Practice music, technique, chords, etc. That you will be using soon and pertain to your more current goals. For example, if you have a rock gig or a lesson tomorrow, don't practice jazz or blues stuff. Practice only for that particular Rock lesson or gig. This will save you lots and lots and lots of time and lots of money, especially if you take lessons.

Also practice more often for less time. Practice on one particular thing for 15 minutes, twice a day. No interruptions, no internet, no computer, nothing. Just you, a guitar, amp, and the materials you may need. You will find that this approach may seem tedious at first, but after reflection at a later date, you will find that you progress quickly.

Also practice for specific results. Just because you practice for 10 hours a day doesn't mean your good. IF you practice 10 hours a day focusing on specific aspects of your technique like say play x sweep lick at 120 bpm. You will probably be able to play that sooner than if you just went, practiced, and then gave up because you couldn't get it.

One more thing, take breaks. Keep them short, 3-5 minutes tops.


----------



## KingAenarion (Sep 6, 2011)

I'm primarily a classical musician, with Clarinet being my main instrument.

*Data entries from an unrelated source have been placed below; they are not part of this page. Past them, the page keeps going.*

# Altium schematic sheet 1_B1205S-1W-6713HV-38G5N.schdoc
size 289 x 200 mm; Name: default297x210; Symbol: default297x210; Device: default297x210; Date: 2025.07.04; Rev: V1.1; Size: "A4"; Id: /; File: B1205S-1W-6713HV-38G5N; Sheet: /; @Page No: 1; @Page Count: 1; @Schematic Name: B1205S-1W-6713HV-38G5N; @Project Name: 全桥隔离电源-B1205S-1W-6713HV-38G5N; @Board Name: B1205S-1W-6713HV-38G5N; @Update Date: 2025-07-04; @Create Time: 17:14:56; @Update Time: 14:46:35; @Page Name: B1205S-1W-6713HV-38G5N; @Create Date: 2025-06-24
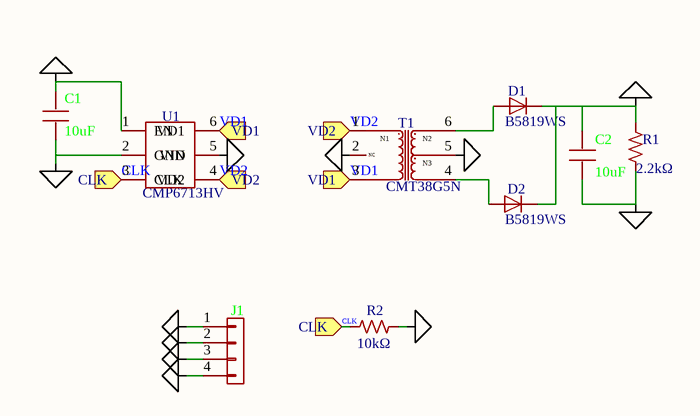
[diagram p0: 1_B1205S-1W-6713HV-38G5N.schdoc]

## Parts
C1  10uF  [C0603]
C2  10uF  [C0603]
D1  B5819WS  [SOD-323_L1.8-W1.3-LS2.5-RD]
D2  B5819WS  [SOD-323_L1.8-W1.3-LS2.5-RD]
J1  Connector_Generic_Conn_01x04  [coileasy:PinHeader_01x04_P2.54mm_Vertical]  (value not drawn)
R1  2.2kΩ  [R0603]
R2  10kΩ  [R0603]
T1  CMT38G5N  [coileasy:CMT38xxx]
U1  CMP6713HV  [coileasy:SOT-23-6]

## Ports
CLK (in), VD1 (in), VD2 (in)

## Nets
0V: C2.1 J1.3 R1.2 T1.5
+VO: C2.2 D1.1 D2.1 J1.4 R1.1
GND: C1.1 J1.1 R2.2 U1.2(GND)
VIN: C1.2 J1.2 T1.2 U1.1(EN) U1.5(VIN)
CLK: R2.1 U1.3(CLK) ; port CLK
VD1: T1.3 U1.6(VD1) ; port VD1
VD2: T1.1 U1.4(VD2) ; port VD2
NetD1_2: D1.2 T1.6
NetD2_2: D2.2 T1.4

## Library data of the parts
C1 = 0603X106M250NT: Manufacturer: FH(风华); Symbol: My_Library_C; Add into BOM: yes; Tolerance: ±20%; Voltage Rating: 25V; Temperature Coefficient: X5R
C2 = 0603X106K100NT: Manufacturer: FH(风华); Symbol: My_Library_C; Add into BOM: yes; Tolerance: ±10%; Voltage Rated: 10V; Temperature Coefficient: X5R
D1 D2 = B5819WS_C64886: Manufacturer: MDD(辰达半导体); Symbol: My_Library_D; Add into BOM: yes; Diode Configuration: 独立式; Forward Voltage (Vf@If): 900mV@3A; Reverse Voltage (Vr): 40V; Rectified Current: 1A; Reverse Leakage Current (Ir): 1mA@40V
J1 = Connector_Generic_Conn_01x04: Users: REF**; ki_fp_filters: Connector*:*_1x??_*; Add into BOM: yes
R1 = RC0603FR-072K2L: Manufacturer: YAGEO(国巨); Symbol: R; Add into BOM: yes; Tolerance: ±1%; Power(Watts): 100mW; Voltage-Supply(Max): 75V; Temperature Coefficient: ±100ppm/℃
R2 = RC0603FR-0710KL: Manufacturer: YAGEO(国巨); Symbol: R; Add into BOM: yes; Tolerance: ±1%; Power(Watts): 100mW; Overload Voltage (Max): 75V; Temperature Coefficient: ±100ppm/℃
T1 = CMT38G5N: Manufacturer: coileasy(线易); Symbol: MYLibrary _CMT38xxxx; Add into BOM: yes
U1 = CMP6713HV: Manufacturer: coileasy(线易); Symbol: MYLibrary_CMP6xxxx; Add into BOM: yes

My rehearsal regime goes as follows. I break it into 3 sections
1) Technical Work. Always done first while I'm still fresh and not bored yet
10 minutes of breathing exercises and singing scales 
Chromatic scales
Chromatic scales in thirds
All of one type of scale and arpeggio in all keys- same type I sung in warmups (Major, minor, harmonic minor, wholetone, octatonic varying each day in a cycle etc)
Same type of scale in thirds
10 minutes of high note practice (a kicker for Clarinet)
10 minutes of finger agility exercises
20 minutes of tonguing exercises

2) Piece practice - 2 hours +
I have 3 categories for pieces I'm working on. New/Learning, in progress, refining.
I start with new pieces (only 1 a day though)going through and learning all the notes with dynamics and tonguing markings. I then divide each piece into easy and difficult sections. I'll leave them at that.
I then work on difficult sections in pieces I'm currently working on. Starting from those at the end of the piece and working backwards. Once I have got the point where I'm comfortable playing all the different parts at a point I'm happy with I move them to the refining category.
During refining I play the piece through and put it all together, I continue to practice the difficult passages and put them into context.

3) Improvisation. I always finish with some improvisational practice, just jamming around to some backing tracks. Usually Jazz, but also work on cadenzas and the like.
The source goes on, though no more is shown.